## Prompt
This exercise asks for every line of the material that includes the word "swept".
--------
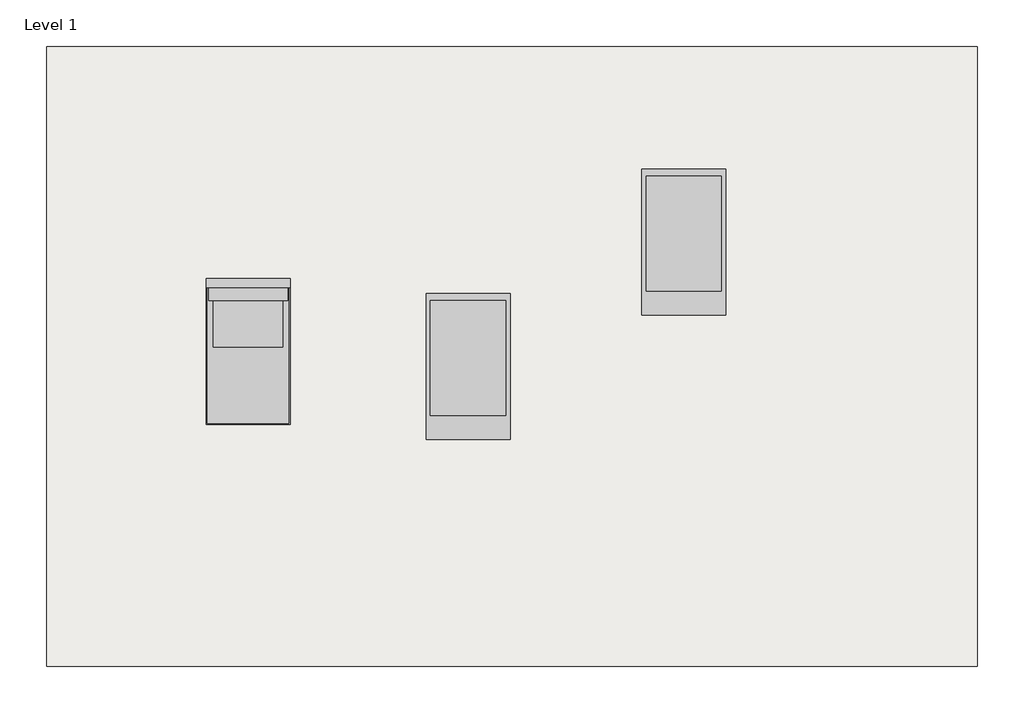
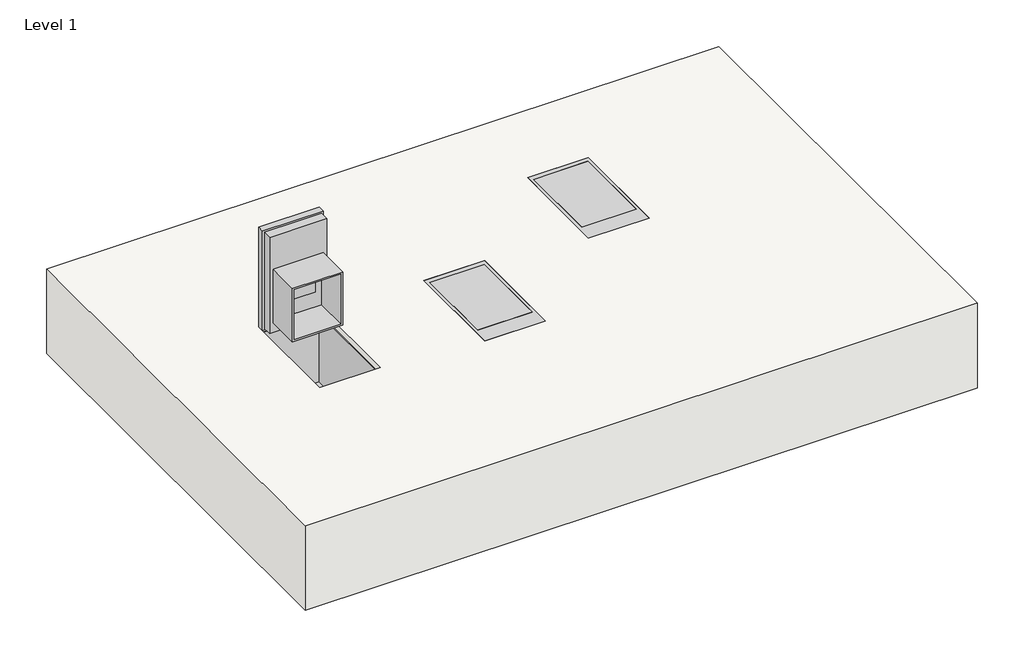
# One storey: 3 proxies, 1 slab.
"""IFC4 building model written with IfcOpenShell, lengths in millimetres."""

import ifcopenshell
import ifcopenshell.guid

model = None  # the IFC model being written
_history = None  # IfcOwnerHistory: only IFC2X3 demands one
_inside = {}  # id of a spatial element -> (the spatial element, [elements in it])
_under = {}  # id of a project, library or spatial element -> (it, [spatial elements below it])
_declared = {}  # id of a project -> (the project, [libraries it declares])
_typed = {}  # id of a type object -> (the type object, [elements of that type])
_made_of = {}  # id of a material, layer set ... -> (it, [elements and type objects made of it])


def new_model(schema):
    """Start an empty IFC model of exactly this schema.

    Asked for "IFC4X3", IfcOpenShell would pick the latest addendum, in which some entities
    have other attributes; the version numbers below select the first issue.
    IFC2X3 requires an IfcOwnerHistory on every rooted entity: one is made here for all.
    """
    global model, _history
    if schema == "IFC4X3":
        model = ifcopenshell.file(schema_version=(4, 3, 0, 0))
    else:
        model = ifcopenshell.file(schema=schema)
    _inside.clear()
    _under.clear()
    _declared.clear()
    _typed.clear()
    _made_of.clear()
    _history = None
    if model.schema == "IFC2X3":
        org = make("IfcOrganization", Name="unknown")
        user = make(
            "IfcPersonAndOrganization",
            ThePerson=make("IfcPerson", FamilyName="unknown"),
            TheOrganization=org,
        )
        app = make(
            "IfcApplication",
            ApplicationDeveloper=org,
            Version="unknown",
            ApplicationFullName="unknown",
            ApplicationIdentifier="unknown",
        )
        _history = make(
            "IfcOwnerHistory",
            OwningUser=user,
            OwningApplication=app,
            ChangeAction="ADDED",
            CreationDate=0,
        )
    return model


def make(cls, **values):
    """One entity of the class cls with the attributes given. An attribute that is None is left unset."""
    return model.create_entity(
        cls, **{name: value for name, value in values.items() if value is not None}
    )


def rooted(cls, **values):
    """An entity with a GlobalId (a new one), such as an element, a storey or a relation."""
    return make(cls, GlobalId=ifcopenshell.guid.new(), OwnerHistory=_history, **values)


def si_unit(unit_type, name, prefix=None):
    """IfcSIUnit, for example si_unit("LENGTHUNIT", "METRE", prefix="MILLI")."""
    return make("IfcSIUnit", UnitType=unit_type, Prefix=prefix, Name=name)


def assignment(units):
    """IfcUnitAssignment: the units of a project."""
    return None if units is None else make("IfcUnitAssignment", Units=units)


def point(xyz):
    """IfcCartesianPoint."""
    return None if xyz is None else make("IfcCartesianPoint", Coordinates=xyz)


def direction(xyz):
    """IfcDirection."""
    return None if xyz is None else make("IfcDirection", DirectionRatios=xyz)


def frame(location, z_axis=None, x_axis=None):
    """IfcAxis2Placement3D, a coordinate frame: its origin and axes. An axis left out is left unset."""
    return make(
        "IfcAxis2Placement3D",
        Location=point(location),
        Axis=direction(z_axis),
        RefDirection=direction(x_axis),
    )


def origin():
    """The frame at (0, 0, 0) with its axes left unset."""
    return frame((0.0, 0.0, 0.0))


def place(relative_to, where):
    """IfcLocalPlacement: puts the frame where relative to a parent placement (None: the world)."""
    return make(
        "IfcLocalPlacement", PlacementRelTo=relative_to, RelativePlacement=where
    )


def context(
    kind, dimensions, precision=None, world=None, true_north=None, identifier=None
):
    """IfcGeometricRepresentationContext, for example the 3D "Model" context."""
    return make(
        "IfcGeometricRepresentationContext",
        ContextIdentifier=identifier,
        ContextType=kind,
        CoordinateSpaceDimension=dimensions,
        Precision=precision,
        WorldCoordinateSystem=world,
        TrueNorth=true_north,
    )


def project(units=None, contexts=None):
    """IfcProject with its units and contexts."""
    return rooted(
        "IfcProject",
        Name="project",
        RepresentationContexts=contexts,
        UnitsInContext=assignment(units),
    )


def spatial(cls, under=None, at=None, **own):
    """A site, building, storey or space (cls), placed at a placement, below another one or the project."""
    s = rooted(cls, ObjectPlacement=at, **own)
    if under is not None:
        _under.setdefault(under.id(), (under, []))[1].append(s)
    return s


def polyline(points):
    """IfcPolyline through the points."""
    return make("IfcPolyline", Points=[point(p) for p in points])


def outline(outer, holes=None, kind="AREA"):
    """IfcArbitraryClosedProfileDef: a profile drawn as a closed curve; with holes, ...WithVoids."""
    if holes is None:
        return make("IfcArbitraryClosedProfileDef", ProfileType=kind, OuterCurve=outer)
    return make(
        "IfcArbitraryProfileDefWithVoids",
        ProfileType=kind,
        OuterCurve=outer,
        InnerCurves=holes,
    )


def extrude(swept, where, along, depth):
    """IfcExtrudedAreaSolid: the profile swept, set in the frame where, extruded along a direction by depth."""
    return make(
        "IfcExtrudedAreaSolid",
        SweptArea=swept,
        Position=where,
        ExtrudedDirection=direction(along),
        Depth=depth,
    )


def faces_of(points, faces, orient=None, outer=None):
    """IfcFace entities. A face is a list of loops; a loop is a list of indices into points, from 0.

    orient and outer hold one flag for each loop. By default every Orientation is true, the
    first loop of a face is its IfcFaceOuterBound and the others are IfcFaceBound.
    """
    made = []
    for i, loops in enumerate(faces):
        bounds = []
        for j, loop in enumerate(loops):
            is_outer = j == 0 if outer is None else outer[i][j]
            bounds.append(
                make(
                    "IfcFaceOuterBound" if is_outer else "IfcFaceBound",
                    Bound=make("IfcPolyLoop", Polygon=[points[k] for k in loop]),
                    Orientation=True if orient is None else orient[i][j],
                )
            )
        made.append(make("IfcFace", Bounds=bounds))
    return made


def faceted_brep(points, faces, orient=None, outer=None, voids=None):
    """IfcFacetedBrep: a solid bounded by flat faces; with voids (closed shells), ...WithVoids."""
    shared = [point(p) for p in points]
    hull = make("IfcClosedShell", CfsFaces=faces_of(shared, faces, orient, outer))
    if voids is None:
        return make("IfcFacetedBrep", Outer=hull)
    return make(
        "IfcFacetedBrepWithVoids",
        Outer=hull,
        Voids=[
            make(cls, CfsFaces=faces_of(shared, fs, o, b)) for cls, fs, o, b in voids
        ],
    )


def shape(context_of_items, identifier, shape_type, items):
    """IfcShapeRepresentation: the items that make up one representation, for example the "Body"."""
    return make(
        "IfcShapeRepresentation",
        ContextOfItems=context_of_items,
        RepresentationIdentifier=identifier,
        RepresentationType=shape_type,
        Items=items,
    )


def source(mapping_origin, context_of_items, identifier, shape_type, items):
    """IfcRepresentationMap: a shape defined once, which mapped items show again and again."""
    return make(
        "IfcRepresentationMap",
        MappingOrigin=mapping_origin,
        MappedRepresentation=shape(context_of_items, identifier, shape_type, items),
    )


def transform(
    local_origin,
    x_axis=None,
    y_axis=None,
    z_axis=None,
    scale=None,
    scale2=None,
    scale3=None,
    uniform=True,
):
    """IfcCartesianTransformationOperator3D, or its non-uniform kind. x_axis, y_axis, z_axis: its Axis1, 2, 3."""
    if uniform:
        return make(
            "IfcCartesianTransformationOperator3D",
            Axis1=direction(x_axis),
            Axis2=direction(y_axis),
            LocalOrigin=point(local_origin),
            Scale=scale,
            Axis3=direction(z_axis),
        )
    return make(
        "IfcCartesianTransformationOperator3DnonUniform",
        Axis1=direction(x_axis),
        Axis2=direction(y_axis),
        LocalOrigin=point(local_origin),
        Scale=scale,
        Axis3=direction(z_axis),
        Scale2=scale2,
        Scale3=scale3,
    )


def mapped(mapping_source, mapping_target):
    """IfcMappedItem: shows the shape of a source again, moved by a transform."""
    return make(
        "IfcMappedItem", MappingSource=mapping_source, MappingTarget=mapping_target
    )


def made_of(thing, what):
    """Note that an element or type object is made of a material, layer set ...; save() writes the relation."""
    if what is not None:
        _made_of.setdefault(what.id(), (what, []))[1].append(thing)
    return thing


def element(
    cls,
    number,
    at=None,
    inside=None,
    cuts=None,
    type_object=None,
    material=None,
    context=None,
    identifier="Body",
    shape_type=None,
    held_by="IfcProductDefinitionShape",
    body=None,
    shapes=None,
    **own,
):
    """One element of the class cls, such as IfcWall. Its Tag is "e" and its number.

    at: its placement. inside: the storey or other place that contains it. cuts: it is an
    opening in that element (IfcRelVoidsElement). A single representation is given by context,
    identifier, shape_type and body (its items); several are given by shapes. held_by: the class
    of the entity that holds the representations. save() writes the other relations.
    """
    e = rooted(cls, Tag="e%d" % number, ObjectPlacement=at, **own)
    if body is not None:
        shapes = [shape(context, identifier, shape_type, body)]
    if shapes is not None:
        e.Representation = make(held_by, Representations=shapes)
    if inside is not None:
        _inside.setdefault(inside.id(), (inside, []))[1].append(e)
    if cuts is not None:
        rooted(
            "IfcRelVoidsElement", RelatingBuildingElement=cuts, RelatedOpeningElement=e
        )
    if type_object is not None:
        _typed.setdefault(type_object.id(), (type_object, []))[1].append(e)
    return made_of(e, material)


def aggregate(whole, parts):
    """IfcRelAggregates: a whole, such as a stair, and the parts it consists of."""
    return rooted("IfcRelAggregates", RelatingObject=whole, RelatedObjects=parts)


def save(model, path):
    """Write the relations noted so far, then the file.

    IfcRelAggregates (storeys below a building ...), IfcRelContainedInSpatialStructure (elements
    in a storey), IfcRelDefinesByType, IfcRelAssociatesMaterial and IfcRelDeclares: one each for
    every whole, place, type object, material and project.
    """
    for whole, parts in _under.values():
        aggregate(whole, parts)
    for where, things in _inside.values():
        rooted(
            "IfcRelContainedInSpatialStructure",
            RelatedElements=things,
            RelatingStructure=where,
        )
    for kind, things in _typed.values():
        rooted("IfcRelDefinesByType", RelatedObjects=things, RelatingType=kind)
    for what, things in _made_of.values():
        rooted("IfcRelAssociatesMaterial", RelatedObjects=things, RelatingMaterial=what)
    for by, libraries in _declared.values():
        rooted("IfcRelDeclares", RelatingContext=by, RelatedDefinitions=libraries)
    model.write(path)


def ground_box_black_cover_7d9e8b28(model_context):
    return source(origin(), model_context, "Body", "SolidModel", [
        extrude(outline(polyline([(-179.3875, -92.5195), (-179.3875, 92.5195), (-173.0375, 92.5195), (-173.0375, -92.5195), (-179.3875, -92.5195)])), frame((0.0, 0.0, 17.018), z_axis=(0.0, 0.0, 1.0), x_axis=(1.0, 0.0, 0.0)), (0.0, 0.0, 1.0), 282.829),
        faceted_brep([(-179.3875, 103.1875, 358.775), (-179.3875, 103.1875, 0.0), (-179.3875, -103.1875, 0.0), (-179.3875, -103.1875, 358.775), (-179.3875, 92.5195, 17.018), (-179.3875, 92.5195, 299.847), (-179.3875, -92.5195, 299.847), (-179.3875, -92.5195, 17.018), (-157.1625, 103.1875, 358.775), (-157.1625, -103.1875, 358.775), (-157.1625, -103.1875, 0.0), (-157.1625, 103.1875, 0.0), (-173.0375, 92.5195, 299.847), (-173.0375, 92.5195, 17.018), (-173.0375, -92.5195, 17.018), (-173.0375, -92.5195, 299.847)], [[[0, 1, 2, 3], [4, 5, 6, 7]], [[8, 9, 10, 11]], [[1, 0, 8, 11]], [[2, 1, 11, 10]], [[3, 2, 10, 9]], [[0, 3, 9, 8]], [[12, 13, 14, 15]], [[13, 12, 5, 4]], [[14, 13, 4, 7]], [[15, 14, 7, 6]], [[12, 15, 6, 5]]]),
        extrude(outline(polyline([(-125.4125, -55.118), (-125.4125, 55.118), (-119.0625, 55.118), (-119.0625, -55.118), (-125.4125, -55.118)])), frame((0.0, 0.0, 107.442), z_axis=(0.0, 0.0, 1.0), x_axis=(1.0, 0.0, 0.0)), (0.0, 0.0, 1.0), 108.712),
        extrude(outline(polyline([(85.4075, 234.188), (85.4075, 42.418), (-85.4075, 42.418), (-85.4075, 234.188), (85.4075, 234.188)]), holes=[polyline([(79.0575, 227.838), (-79.0575, 227.838), (-79.0575, 48.768), (79.0575, 48.768), (79.0575, 227.838)])]), frame((-125.4125, 0.0, 0.0), z_axis=(1.0, 0.0, 0.0), x_axis=(0.0, 1.0, 0.0)), (0.0, 0.0, 1.0), 114.3),
        extrude(outline(polyline([(-157.1625, -96.8375), (-157.1625, 96.8375), (-125.4125, 96.8375), (-125.4125, -96.8375), (-157.1625, -96.8375)])), frame((0.0, 0.0, 6.35), z_axis=(0.0, 0.0, 1.0), x_axis=(1.0, 0.0, 0.0)), (0.0, 0.0, 1.0), 346.075),
        faceted_brep([(-204.7875, -96.8375, -266.7), (-179.3875, -96.8375, -266.7), (-179.3875, 45.0035204, -266.7), (-188.9125, 45.0035204, -266.7), (-188.9125, 96.8375, -266.7), (-204.7875, 96.8375, -266.7), (179.3875, -96.8375, -266.7), (204.7875, -96.8375, -266.7), (204.7875, 96.8375, -266.7), (188.9125, 96.8375, -266.7), (188.9125, 45.0035204, -266.7), (179.3875, 45.0035204, -266.7), (204.7875, 103.1875, -273.05), (204.7875, 103.1875, -266.7), (204.7875, -96.8375, -120.65), (204.7875, -103.1875, -120.65), (204.7875, -103.1875, -273.05), (-204.7875, 103.1875, -266.7), (-204.7875, 103.1875, -273.05), (-204.7875, -103.1875, -273.05), (-204.7875, -103.1875, -120.65), (-204.7875, -96.8375, -120.65), (179.3875, -96.8375, -146.05), (188.9125, -96.8375, -146.05), (188.9125, -96.8375, -120.65), (-188.9125, -96.8375, -120.65), (-188.9125, -96.8375, -146.05), (-179.3875, -96.8375, -146.05), (188.9125, -103.1875, -120.65), (188.9125, -103.1875, -146.05), (179.3875, -103.1875, -146.05), (-188.9125, -103.1875, -146.05), (-179.3875, -103.1875, -146.05), (-188.9125, -103.1875, -120.65), (-188.9125, 96.8375, -207.4536934), (188.9125, 96.8375, -207.4536934), (188.9125, 103.1875, -207.4536934), (-188.9125, 103.1875, -207.4536934), (188.9125, 109.5375, -146.05), (188.9125, 109.5375, -165.1), (188.9125, 122.2375, -165.1), (188.9125, 122.2375, -120.65), (188.9125, 84.1375, -120.65), (188.9125, 103.1875, -146.05), (179.3875, 109.5375, -146.05), (179.3875, 103.1875, -146.05), (179.3875, 103.1875, -120.65), (179.3875, 122.2375, -120.65), (179.3875, 122.2375, -165.1), (179.3875, 109.5375, -165.1), (179.3875, 84.1375, -120.65), (-179.3875, 109.5375, -146.05), (-179.3875, 109.5375, -165.1), (-179.3875, 122.2375, -165.1), (-179.3875, 122.2375, -120.65), (-179.3875, 103.1875, -120.65), (-179.3875, 103.1875, -146.05), (-188.9125, 109.5375, -146.05), (-188.9125, 103.1875, -146.05), (-188.9125, 84.1375, -120.65), (-188.9125, 122.2375, -120.65), (-188.9125, 122.2375, -165.1), (-188.9125, 109.5375, -165.1), (-179.3875, 84.1375, -120.65), (179.3875, 103.1875, -22.225), (-179.3875, 103.1875, -22.225), (-179.3875, -103.1875, -22.225), (179.3875, -103.1875, -22.225), (-176.2125, 100.0125, -22.225), (176.2125, 100.0125, -22.225), (176.2125, -100.0125, -22.225), (-176.2125, -100.0125, -22.225), (176.2125, 100.0125, -266.7), (-176.2125, 100.0125, -266.7), (-176.2125, -100.0125, -266.7), (176.2125, -100.0125, -266.7)], [[[0, 1, 2, 3, 4, 5]], [[6, 7, 8, 9, 10, 11]], [[12, 13, 8, 7, 14, 15, 16]], [[17, 18, 19, 20, 21, 0, 5]], [[22, 23, 24, 14, 7, 6]], [[21, 25, 26, 27, 1, 0]], [[28, 15, 14, 24]], [[29, 28, 24, 23]], [[30, 29, 23, 22]], [[31, 32, 27, 26]], [[33, 31, 26, 25]], [[20, 33, 25, 21]], [[5, 4, 34]], [[9, 8, 35]], [[8, 13, 36, 35]], [[17, 5, 34, 37]], [[38, 39, 40, 41, 42, 10, 9, 35, 36, 43]], [[44, 45, 46, 47, 48, 49]], [[39, 38, 44, 49]], [[40, 39, 49, 48]], [[41, 40, 48, 47]], [[42, 41, 47, 46, 50]], [[10, 42, 50, 11]], [[38, 43, 45, 44]], [[51, 52, 53, 54, 55, 56]], [[57, 58, 37, 34, 4, 3, 59, 60, 61, 62]], [[52, 51, 57, 62]], [[53, 52, 62, 61]], [[54, 53, 61, 60]], [[60, 59, 63, 55, 54]], [[59, 3, 2, 63]], [[51, 56, 58, 57]], [[64, 65, 66, 67], [68, 69, 70, 71]], [[18, 12, 16, 19]], [[65, 64, 46, 45, 43, 36, 13, 12, 18, 17, 37, 58, 56, 55]], [[66, 65, 55, 63, 2, 1, 27, 32]], [[67, 66, 32, 31, 33, 20, 19, 16, 15, 28, 29, 30]], [[64, 67, 30, 22, 6, 11, 50, 46]], [[72, 73, 74, 75]], [[73, 72, 69, 68]], [[74, 73, 68, 71]], [[75, 74, 71, 70]], [[72, 75, 70, 69]]]),
    ])


def ground_box_brown_cover_0e2991a0(model_context):
    return source(origin(), model_context, "Body", "SolidModel", [
        extrude(outline(polyline([(120.4595, 92.5195), (120.4595, -92.5195), (-162.3695, -92.5195), (-162.3695, 92.5195), (120.4595, 92.5195)])), frame((0.0, 0.0, -6.35), z_axis=(0.0, 0.0, 1.0), x_axis=(1.0, 0.0, 0.0)), (0.0, 0.0, 1.0), 6.35),
        faceted_brep([(179.3875, 103.1875, 0.0), (-179.3875, 103.1875, 0.0), (-179.3875, -103.1875, 0.0), (179.3875, -103.1875, 0.0), (-162.3695, 92.5195, 0.0), (120.4595, 92.5195, 0.0), (120.4595, -92.5195, 0.0), (-162.3695, -92.5195, 0.0), (179.3875, 103.1875, -22.225), (179.3875, -103.1875, -22.225), (-179.3875, -103.1875, -22.225), (-179.3875, 103.1875, -22.225), (120.4595, 92.5195, -6.35), (-162.3695, 92.5195, -6.35), (-162.3695, -92.5195, -6.35), (120.4595, -92.5195, -6.35)], [[[0, 1, 2, 3], [4, 5, 6, 7]], [[8, 9, 10, 11]], [[1, 0, 8, 11]], [[2, 1, 11, 10]], [[3, 2, 10, 9]], [[0, 3, 9, 8]], [[12, 13, 14, 15]], [[13, 12, 5, 4]], [[14, 13, 4, 7]], [[15, 14, 7, 6]], [[12, 15, 6, 5]]]),
        extrude(outline(polyline([(36.7665, 31.75), (36.7665, -31.75), (-71.9455, -31.75), (-71.9455, 31.75), (36.7665, 31.75)])), frame((0.0, 0.0, -60.325), z_axis=(0.0, 0.0, 1.0), x_axis=(1.0, 0.0, 0.0)), (0.0, 0.0, 1.0), 6.35),
        extrude(outline(polyline([(54.8005, 85.4075), (54.8005, -85.4075), (-136.9695, -85.4075), (-136.9695, 85.4075), (54.8005, 85.4075)]), holes=[polyline([(48.4505, 79.0575), (-130.6195, 79.0575), (-130.6195, -79.0575), (48.4505, -79.0575), (48.4505, 79.0575)])]), frame((0.0, 0.0, -168.275), z_axis=(0.0, 0.0, 1.0), x_axis=(1.0, 0.0, 0.0)), (0.0, 0.0, 1.0), 114.3),
        extrude(outline(polyline([(173.0375, 96.8375), (173.0375, -96.8375), (-173.0375, -96.8375), (-173.0375, 96.8375), (173.0375, 96.8375)])), frame((0.0, 0.0, -53.975), z_axis=(0.0, 0.0, 1.0), x_axis=(1.0, 0.0, 0.0)), (0.0, 0.0, 1.0), 31.75),
        faceted_brep([(-204.7875, -96.8375, -266.7), (-179.3875, -96.8375, -266.7), (-179.3875, 45.0035204, -266.7), (-188.9125, 45.0035204, -266.7), (-188.9125, 96.8375, -266.7), (-204.7875, 96.8375, -266.7), (179.3875, -96.8375, -266.7), (204.7875, -96.8375, -266.7), (204.7875, 96.8375, -266.7), (188.9125, 96.8375, -266.7), (188.9125, 45.0035204, -266.7), (179.3875, 45.0035204, -266.7), (204.7875, 103.1875, -273.05), (204.7875, 103.1875, -266.7), (204.7875, -96.8375, -120.65), (204.7875, -103.1875, -120.65), (204.7875, -103.1875, -273.05), (-204.7875, 103.1875, -266.7), (-204.7875, 103.1875, -273.05), (-204.7875, -103.1875, -273.05), (-204.7875, -103.1875, -120.65), (-204.7875, -96.8375, -120.65), (179.3875, -96.8375, -146.05), (188.9125, -96.8375, -146.05), (188.9125, -96.8375, -120.65), (-188.9125, -96.8375, -120.65), (-188.9125, -96.8375, -146.05), (-179.3875, -96.8375, -146.05), (188.9125, -103.1875, -120.65), (188.9125, -103.1875, -146.05), (179.3875, -103.1875, -146.05), (-188.9125, -103.1875, -146.05), (-179.3875, -103.1875, -146.05), (-188.9125, -103.1875, -120.65), (-188.9125, 96.8375, -207.4536934), (188.9125, 96.8375, -207.4536934), (188.9125, 103.1875, -207.4536934), (-188.9125, 103.1875, -207.4536934), (188.9125, 109.5375, -146.05), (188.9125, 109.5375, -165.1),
--------
## Finished task
def extrude(swept, where, along, depth):
    """IfcExtrudedAreaSolid: the profile swept, set in the frame where, extruded along a direction by depth."""
        SweptArea=swept,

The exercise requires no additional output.